Налицо очевидный провал погони за аристократизмом, подчеркнутый полным тождеством исходного и окончательного текстов письма, и представлен он положительно. Более того, приверженность «норме» относится к числу классицистических ценностей, и потому Мольером одобряется не только провал отклонения от нее, а и сама норма. Правда, журденовский текст тоже не свободен от налета претенциозности, но он явно предпочтительнее предлагаемых изысков. Стилистические экзерсисы Журдена и учителя философии одновременно и грандиозны, и смехотворны, но в том-то и соль, что надо довольствоваться наличным малым. Успех героя основан на элементарном владении родным языком, играющим, так сказать, роль судьбы, вина же за напрасные потуги ложится на глупую претенциозность самого Журдена и в меньшей степени на его подневольного, карикатурного, но достаточно здравомыслящего учителя философии. При этом Журден, отстаивающий свою лексику, оказывается по-своему не глупее учителя, соавторский диалог с которым проходит несколько стадий, но ни разу не дает перевеса риторическим причудам. Все перипетии реальны. Примечательно парадоксальное сочетание в Журдене нелепых фантазий с упрямой приверженностью элементарным истинам, позволяющей ему, несмотря на всю его комичную глупость, держаться своего, что, в отличие от истории с выбором имени Акакий, приветствуется.
Еще случай:
Неспособность к производству военно-патриотической продукции, в чем Окуджава признается как бы в извиняющемся тоне, на самом деле составляет предмет его гордости. Верность собственному пацифистскому «я» подчеркнута фигурой тождества: вылетали только соловьи. В роли силы, приводящей к такому результату, выступает сама сущность лирической поэзии с ее хрестоматийными соловьями, — так сказать, поэтический аналог фигурирующей в других сюжетах «судьбы» и «природы»: Окуджава так же неподвластен официальным штампам, как сны Фалалея требованиям Опискина.
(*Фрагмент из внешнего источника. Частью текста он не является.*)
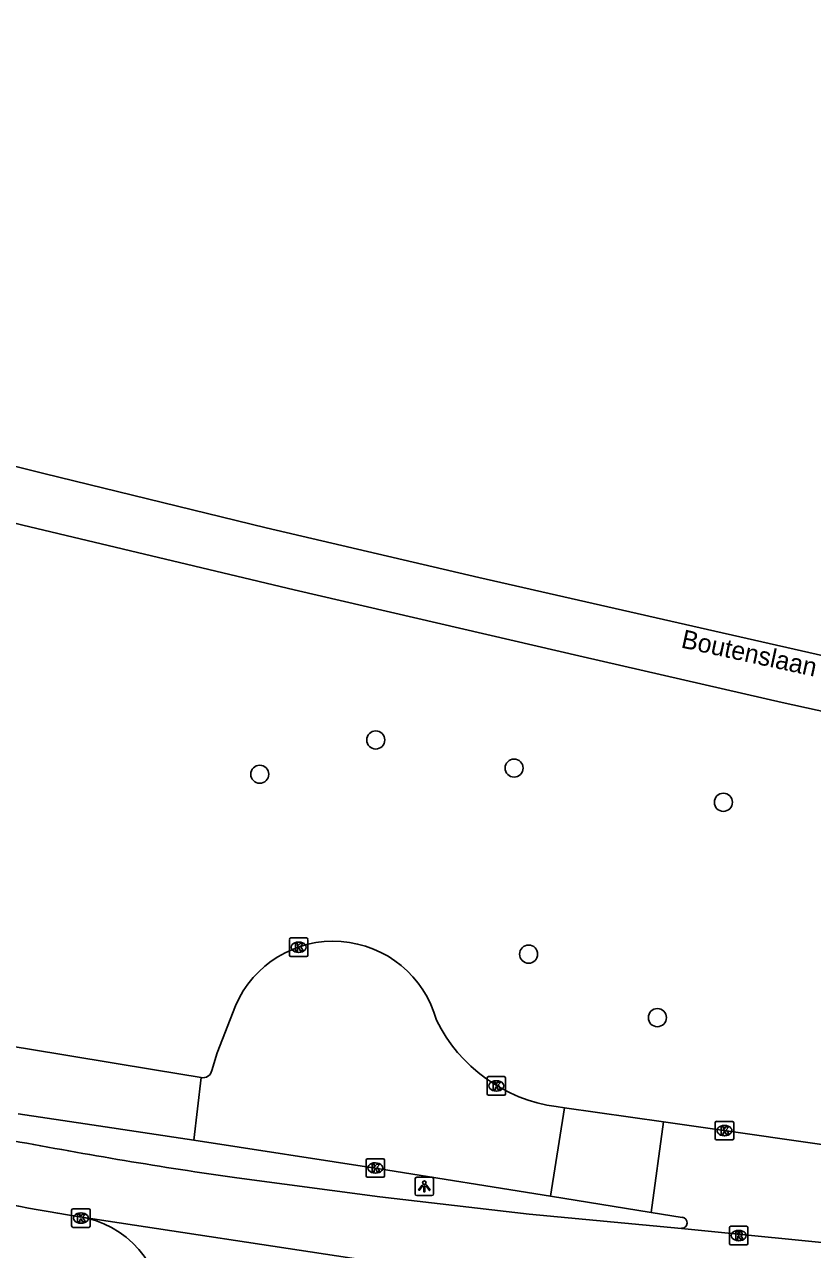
# Model space of a CAD drawing. Extents: x 160203 to 161526, y 379529 to 381797.
# Drawn here: x 161014 to 161056.6, y 381727.7 to 381793.9 of the extents above; entities that cross this region are included whole.
import ezdxf

# ---------------------------------------------------------------- set-up
doc = ezdxf.new("R2010")
doc.units = 0
for name, color, linetype in [('IMGEO_Boom', 7, 'Continuous'), ('IMGEO_Fietspad_gesloten', 7, 'Continuous'), ('IMGEO_Kolk', 7, 'Continuous'), ('IMGEO_Lichtpunt', 7, 'Continuous'), ('IMGEO_Openbare_ruimte_label', 7, 'Continuous'), ('IMGEO_Rijbaan_lokaal_gesloten', 7, 'Continuous'), ('IMGEO_Rijbaan_lokaal_open', 7, 'Continuous'), ('IMGEO_Rijbaan_regionaal_gesloten', 7, 'Continuous'), ('IMGEO_Rioolput', 7, 'Continuous')]:
    doc.layers.add(name, color=color, linetype=linetype)

msp = doc.modelspace()

# ---------------------------------------------------------------- linework, layer by layer
at = {"layer": 'IMGEO_Boom'}
for centre in [(161033.006, 381755.255), (161040.49, 381753.734), (161026.733, 381753.404), (161051.806, 381751.884), (161041.274, 381743.672), (161048.237, 381740.239)]:
    msp.add_circle(centre, 0.489, dxfattribs=at)
at = {"layer": 'IMGEO_Fietspad_gesloten'}
for points in [[(161049.533, 381728.846), (161041.308, 381729.618), (161033.225, 381730.555), (161025.491, 381731.569)], [(161016.874, 381729.484), (161017.118, 381729.447)]]:
    msp.add_lwpolyline(points, dxfattribs=at)
for centre, radius, start, end in [((161067.918, 382023.698), 295.194, 259.35423, 261.73648), ((161079.415, 382097.832), 373.62, 257.72776, 260.3637)]:
    msp.add_arc(centre, radius, start, end, dxfattribs=at)
at = {"layer": 'IMGEO_Kolk'}
for p, q in [((161028.339, 381743.622), (161028.339, 381744.474)), ((161028.414, 381744.548), (161029.266, 381744.548)), ((161028.827, 381744.328), (161028.852, 381744.328)), ((161029.34, 381744.474), (161029.34, 381743.622)), ((161029.266, 381743.548), (161028.414, 381743.548)), ((161028.85, 381743.768), (161028.825, 381743.768)), ((161039.03, 381736.123), (161039.03, 381736.975)), ((161039.105, 381737.049), (161039.957, 381737.049)), ((161040.031, 381736.975), (161040.031, 381736.123)), ((161039.541, 381736.269), (161039.516, 381736.269)), ((161039.518, 381736.829), (161039.543, 381736.829)), ((161039.957, 381736.049), (161039.105, 381736.049)), ((161051.365, 381733.706), (161051.365, 381734.558)), ((161051.44, 381734.632), (161052.292, 381734.632)), ((161051.853, 381734.412), (161051.878, 381734.412)), ((161052.366, 381734.558), (161052.366, 381733.706)), ((161052.292, 381733.632), (161051.44, 381733.632)), ((161051.876, 381733.852), (161051.851, 381733.852)), ((161032.485, 381731.683), (161032.485, 381732.535)), ((161032.56, 381732.609), (161033.412, 381732.609)), ((161032.973, 381732.389), (161032.998, 381732.389)), ((161033.486, 381732.535), (161033.486, 381731.683)), ((161033.412, 381731.609), (161032.56, 381731.609)), ((161032.996, 381731.829), (161032.971, 381731.829)), ((161016.562, 381728.974), (161016.562, 381729.826)), ((161016.637, 381729.9), (161017.489, 381729.9)), ((161017.05, 381729.68), (161017.075, 381729.68)), ((161017.563, 381729.826), (161017.563, 381728.974)), ((161017.073, 381729.12), (161017.048, 381729.12)), ((161017.489, 381728.9), (161016.637, 381728.9))]:
    msp.add_line(p, q, dxfattribs=at)
for points in [[(161028.339, 381743.622), (161028.339, 381744.474)], [(161028.414, 381744.548), (161029.266, 381744.548)], [(161028.66, 381744.248), (161028.783, 381744.248), (161028.783, 381744.097), (161028.913, 381744.248), (161029.077, 381744.248), (161028.931, 381744.097), (161029.084, 381743.848), (161028.932, 381743.848), (161028.847, 381744.012), (161028.783, 381743.945), (161028.783, 381743.848), (161028.66, 381743.848), (161028.66, 381744.248)], [(161029.34, 381744.474), (161029.34, 381743.622)], [(161029.266, 381743.548), (161028.414, 381743.548)], [(161039.03, 381736.123), (161039.03, 381736.975)], [(161039.105, 381737.049), (161039.957, 381737.049)], [(161040.031, 381736.975), (161040.031, 381736.123)], [(161039.351, 381736.749), (161039.474, 381736.749), (161039.474, 381736.598), (161039.604, 381736.749), (161039.768, 381736.749), (161039.622, 381736.598), (161039.775, 381736.349), (161039.623, 381736.349), (161039.538, 381736.513), (161039.474, 381736.446), (161039.474, 381736.349), (161039.351, 381736.349), (161039.351, 381736.749)], [(161039.957, 381736.049), (161039.105, 381736.049)], [(161051.365, 381733.706), (161051.365, 381734.558)], [(161051.44, 381734.632), (161052.292, 381734.632)], [(161051.686, 381734.332), (161051.809, 381734.332), (161051.809, 381734.181), (161051.939, 381734.332), (161052.103, 381734.332), (161051.957, 381734.181), (161052.11, 381733.932), (161051.958, 381733.932), (161051.873, 381734.096), (161051.809, 381734.029), (161051.809, 381733.932), (161051.686, 381733.932), (161051.686, 381734.332)], [(161052.366, 381734.558), (161052.366, 381733.706)], [(161052.292, 381733.632), (161051.44, 381733.632)], [(161032.485, 381731.683), (161032.485, 381732.535)], [(161032.56, 381732.609), (161033.412, 381732.609)], [(161032.806, 381732.309), (161032.929, 381732.309), (161032.929, 381732.158), (161033.059, 381732.309), (161033.223, 381732.309), (161033.077, 381732.158), (161033.23, 381731.909), (161033.078, 381731.909), (161032.993, 381732.073), (161032.929, 381732.006), (161032.929, 381731.909), (161032.806, 381731.909), (161032.806, 381732.309)], [(161033.486, 381732.535), (161033.486, 381731.683)], [(161033.412, 381731.609), (161032.56, 381731.609)], [(161016.562, 381728.974), (161016.562, 381729.826)], [(161016.637, 381729.9), (161017.489, 381729.9)], [(161016.883, 381729.6), (161017.006, 381729.6), (161017.006, 381729.449), (161017.136, 381729.6), (161017.3, 381729.6), (161017.154, 381729.449), (161017.307, 381729.2), (161017.155, 381729.2), (161017.07, 381729.364), (161017.006, 381729.297), (161017.006, 381729.2), (161016.883, 381729.2), (161016.883, 381729.6)], [(161017.563, 381729.826), (161017.563, 381728.974)], [(161017.489, 381728.9), (161016.637, 381728.9)]]:
    msp.add_lwpolyline(points, dxfattribs=at)
for centre, start, end in [((161028.416, 381744.472), 91.55205, 178.44795), ((161028.416, 381744.472), 91.55205, 178.44795), ((161029.264, 381744.472), 1.55205, 88.44795), ((161029.264, 381744.472), 1.55205, 88.44795), ((161028.416, 381743.624), 181.55205, 268.44795), ((161028.416, 381743.624), 181.55205, 268.44795), ((161029.264, 381743.624), 271.55205, 358.44795), ((161029.264, 381743.624), 271.55205, 358.44795), ((161039.107, 381736.973), 91.55205, 178.44795), ((161039.107, 381736.973), 91.55205, 178.44795), ((161039.955, 381736.973), 1.55205, 88.44795), ((161039.955, 381736.973), 1.55205, 88.44795), ((161039.107, 381736.125), 181.55205, 268.44795), ((161039.107, 381736.125), 181.55205, 268.44795), ((161039.955, 381736.125), 271.55205, 358.44795), ((161039.955, 381736.125), 271.55205, 358.44795), ((161051.442, 381734.556), 91.55205, 178.44795), ((161051.442, 381734.556), 91.55205, 178.44795), ((161052.29, 381734.556), 1.55205, 88.44795), ((161052.29, 381734.556), 1.55205, 88.44795), ((161051.442, 381733.708), 181.55205, 268.44795), ((161051.442, 381733.708), 181.55205, 268.44795), ((161052.29, 381733.708), 271.55205, 358.44795), ((161052.29, 381733.708), 271.55205, 358.44795), ((161032.562, 381732.533), 91.55205, 178.44795), ((161032.562, 381732.533), 91.55205, 178.44795), ((161033.41, 381732.533), 1.55205, 88.44795), ((161033.41, 381732.533), 1.55205, 88.44795), ((161032.562, 381731.685), 181.55205, 268.44795), ((161032.562, 381731.685), 181.55205, 268.44795), ((161033.41, 381731.685), 271.55205, 358.44795), ((161033.41, 381731.685), 271.55205, 358.44795), ((161016.639, 381729.824), 91.55205, 178.44795), ((161016.639, 381729.824), 91.55205, 178.44795), ((161017.487, 381729.824), 1.55205, 88.44795), ((161017.487, 381729.824), 1.55205, 88.44795), ((161016.639, 381728.976), 181.55205, 268.44795), ((161016.639, 381728.976), 181.55205, 268.44795), ((161017.487, 381728.976), 271.55205, 358.44795), ((161017.487, 381728.976), 271.55205, 358.44795)]:
    msp.add_arc(centre, 0.0765, start, end, dxfattribs=at)
for centre, major_axis, ratio, start_param, end_param in [((161028.826, 381744.048), (-0.387, 0.002), 0.722429, 4.712389, 7.853982), ((161028.851, 381744.048), (-0.39, 0.002), 0.717154, 1.570796, 4.712389), ((161039.517, 381736.549), (-0.387, 0.002), 0.722429, 4.712389, 7.853982), ((161039.542, 381736.549), (-0.39, 0.002), 0.717154, 1.570796, 4.712389), ((161051.852, 381734.132), (-0.387, 0.002), 0.722429, 4.712389, 7.853982), ((161051.877, 381734.132), (-0.39, 0.002), 0.717154, 1.570796, 4.712389), ((161032.972, 381732.109), (-0.387, 0.002), 0.722429, 4.712389, 7.853982), ((161032.997, 381732.109), (-0.39, 0.002), 0.717154, 1.570796, 4.712389), ((161017.049, 381729.4), (-0.387, 0.002), 0.722429, 4.712389, 7.853982), ((161017.074, 381729.4), (-0.39, 0.002), 0.717154, 1.570796, 4.712389)]:
    msp.add_ellipse(centre, major_axis=major_axis, ratio=ratio, start_param=start_param, end_param=end_param, dxfattribs=at)
at = {"layer": 'IMGEO_Lichtpunt'}
for p, q in [((161036.038, 381731.614), (161035.23, 381731.614)), ((161036.038, 381731.614), (161035.23, 381731.614)), ((161035.136, 381731.519), (161035.136, 381730.712)), ((161035.136, 381731.519), (161035.136, 381730.712)), ((161036.132, 381730.712), (161036.132, 381731.519)), ((161036.132, 381730.712), (161036.132, 381731.519)), ((161035.23, 381730.618), (161036.038, 381730.618)), ((161035.23, 381730.618), (161036.038, 381730.618))]:
    msp.add_line(p, q, dxfattribs=at)
for points in [[(161035.51, 381731.183), (161035.549, 381731.155), (161035.361, 381730.893), (161035.323, 381730.92), (161035.51, 381731.183)], [(161035.612, 381731.135), (161035.659, 381731.135), (161035.659, 381730.813), (161035.612, 381730.813), (161035.612, 381731.135)], [(161035.722, 381731.155), (161035.76, 381731.182), (161035.947, 381730.92), (161035.908, 381730.892), (161035.722, 381731.155)]]:
    msp.add_lwpolyline(points, dxfattribs=at)
msp.add_circle((161035.635, 381731.317), 0.0994, dxfattribs=at)
for centre, start, end in [((161035.23, 381731.519), 90, 180), ((161035.23, 381731.519), 90, 180), ((161036.038, 381731.519), 0, 90), ((161036.038, 381731.519), 0, 90), ((161035.23, 381730.712), 180, 270), ((161035.23, 381730.712), 180, 270), ((161036.038, 381730.712), 270, 0), ((161036.038, 381730.712), 270, 360)]:
    msp.add_arc(centre, 0.0946, start, end, dxfattribs=at)
at = {"layer": 'IMGEO_Rijbaan_lokaal_gesloten'}
for points in [[(161023.559, 381737.003), (161021.039, 381737.415), (161014.181, 381738.544)], [(161023.559, 381737.003), (161023.174, 381733.608)], [(161013.669, 381735.04), (161017.649, 381734.443), (161023.174, 381733.608)]]:
    msp.add_lwpolyline(points, dxfattribs=at)
msp.add_arc((161016.769, 381753.797), 15.471, 226.55789, 260.36896, dxfattribs=at)
at = {"layer": 'IMGEO_Rijbaan_lokaal_open'}
for points in [[(161025.415, 381740.882), (161024.433, 381738.344), (161024.144, 381737.386)], [(161043.222, 381735.362), (161042.464, 381730.58)], [(161043.222, 381735.362), (161042.771, 381735.426)], [(161048.566, 381734.6), (161043.222, 381735.362)], [(161048.566, 381734.6), (161047.902, 381729.709)], [(161078.264, 381730.297), (161071.37, 381731.349), (161048.566, 381734.6)], [(161023.174, 381733.608), (161033.209, 381732.061), (161042.464, 381730.58)], [(161042.464, 381730.58), (161047.902, 381729.709)], [(161047.902, 381729.709), (161049.578, 381729.441)], [(161017.118, 381729.447), (161032.311, 381727.142)], [(161021.402, 381725.182), (161021.297, 381725.643), (161021.152, 381726.092), (161020.967, 381726.527), (161020.744, 381726.943), (161020.485, 381727.338), (161020.191, 381727.708), (161019.866, 381728.051), (161019.511, 381728.363), (161019.13, 381728.642), (161018.725, 381728.886), (161018.3, 381729.093), (161017.859, 381729.261), (161017.404, 381729.388), (161017.118, 381729.447)], [(161049.533, 381728.846), (161059.471, 381727.846), (161077.765, 381724.676)]]:
    msp.add_lwpolyline(points, dxfattribs=at)
for centre, radius, start, end in [((161030.715, 381738.601), 5.77, 15.05296, 156.71888), ((161043.955, 381743.903), 8.559, 206.3786, 262.0494), ((161023.665, 381737.48), 0.488, 257.49667, 348.92893), ((161049.554, 381729.144), 0.298, 265.8827, 85.46718)]:
    msp.add_arc(centre, radius, start, end, dxfattribs=at)
at = {"layer": 'IMGEO_Rijbaan_regionaal_gesloten'}
for points in [[(160924.859, 381793.944), (160925.219, 381793.836), (160932.99, 381791.589), (160940.822, 381789.378), (160948.647, 381787.174), (160956.184, 381785.094), (160968.166, 381781.822), (160979.903, 381778.661), (160991.646, 381775.583), (161003.024, 381772.663), (161015.054, 381769.67), (161027.088, 381766.724), (161038.576, 381764.048), (161050.554, 381761.325), (161062.699, 381758.567), (161077.95, 381755.315)], [(160969.105, 381778.417), (160984.653, 381774.366), (160999.35, 381770.568), (161000, 381770.403), (161013.924, 381766.869), (161028.59, 381763.382), (161044.221, 381759.753), (161054.991, 381757.276), (161068.719, 381754.268), (161077.399, 381752.406)]]:
    msp.add_lwpolyline(points, dxfattribs=at)
at = {"layer": 'IMGEO_Rioolput'}
for p, q in [((161052.21, 381728.957), (161053.062, 381728.957)), ((161052.135, 381728.031), (161052.135, 381728.883)), ((161052.623, 381728.737), (161052.648, 381728.737)), ((161053.136, 381728.883), (161053.136, 381728.031)), ((161053.062, 381727.957), (161052.21, 381727.957)), ((161052.646, 381728.177), (161052.621, 381728.177))]:
    msp.add_line(p, q, dxfattribs=at)
for points in [[(161052.21, 381728.957), (161053.062, 381728.957)], [(161052.135, 381728.031), (161052.135, 381728.883)], [(161052.724, 381728.655), (161052.472, 381728.657), (161052.472, 381728.257)], [(161052.472, 381728.257), (161052.596, 381728.257), (161052.596, 381728.419), (161052.607, 381728.419)], [(161052.65, 381728.576), (161052.596, 381728.576), (161052.596, 381728.495)], [(161052.596, 381728.495), (161052.648, 381728.495)], [(161052.654, 381728.39), (161052.725, 381728.257), (161052.865, 381728.257), (161052.8, 381728.383)], [(161053.136, 381728.883), (161053.136, 381728.031)], [(161053.062, 381727.957), (161052.21, 381727.957)]]:
    msp.add_lwpolyline(points, dxfattribs=at)
for centre, radius, start, end in [((161052.212, 381728.881), 0.0765, 91.55205, 178.44795), ((161052.212, 381728.881), 0.0765, 91.55205, 178.44795), ((161053.06, 381728.881), 0.0765, 1.55205, 88.44795), ((161053.06, 381728.881), 0.0765, 1.55205, 88.44795), ((161052.606, 381728.366), 0.0533, 26.02933, 88.69889), ((161052.632, 381728.684), 0.19, 274.7715, 282.96867), ((161052.656, 381728.48), 0.0964, 77.00612, 93.18647), ((161052.67, 381728.537), 0.0378, 276.66336, 79.67722), ((161052.723, 381728.545), 0.109, 350.36119, 89.41601), ((161052.721, 381728.545), 0.112, 277.58423, 350.98172), ((161052.705, 381728.33), 0.108, 29.51342, 73.79051), ((161052.212, 381728.033), 0.0765, 181.55205, 268.44795), ((161052.212, 381728.033), 0.0765, 181.55205, 268.44795), ((161053.06, 381728.033), 0.0765, 271.55205, 358.44795), ((161053.06, 381728.033), 0.0765, 271.55205, 358.44795)]:
    msp.add_arc(centre, radius, start, end, dxfattribs=at)
for centre, major_axis, ratio, start_param, end_param in [((161052.622, 381728.457), (-0.387, 0.002), 0.722429, 4.712389, 7.853982), ((161052.647, 381728.457), (-0.39, 0.002), 0.717154, 1.570796, 4.712389)]:
    msp.add_ellipse(centre, major_axis=major_axis, ratio=ratio, start_param=start_param, end_param=end_param, dxfattribs=at)

# ---------------------------------------------------------------- texts
at = {"layer": 'IMGEO_Openbare_ruimte_label'}
msp.add_text('Boutenslaan', height=1, rotation=347.70114, dxfattribs=at).set_placement((161049.472, 381760.26))

doc.saveas('drawing.dxf')

Или вот эпизод из современной жизни.
Это еще одно изобретение велосипеда и обнаружение рукавиц за поясом — почти в буквальном смысле энное «открытие Америки». Мотив «тождества» специально не подчеркнут, но присутствует подспудно: я каждый раз возвращаюсь к той же машине, хотя и не подозреваю, что «тем же» является и сам номер счетчика. В количественном отношении это типичная буря в стакане воды, меня никак не извиняет моя многолетняя ненаблюдательность, сюжетно мотивирующая контрастный переход от воображаемого к реальному. Сама же открываемая азбучная истина вполне позитивна (с тех пор я с благодарностью ориентируюсь на номера счетчиков, — в отличие от Бендера, который не может снова и снова сочинять пушкинские стихи), а в роли ее естественного гаранта выступает принятый в Штатах порядок нумерации, безличный, но когда-то придуманный людьми.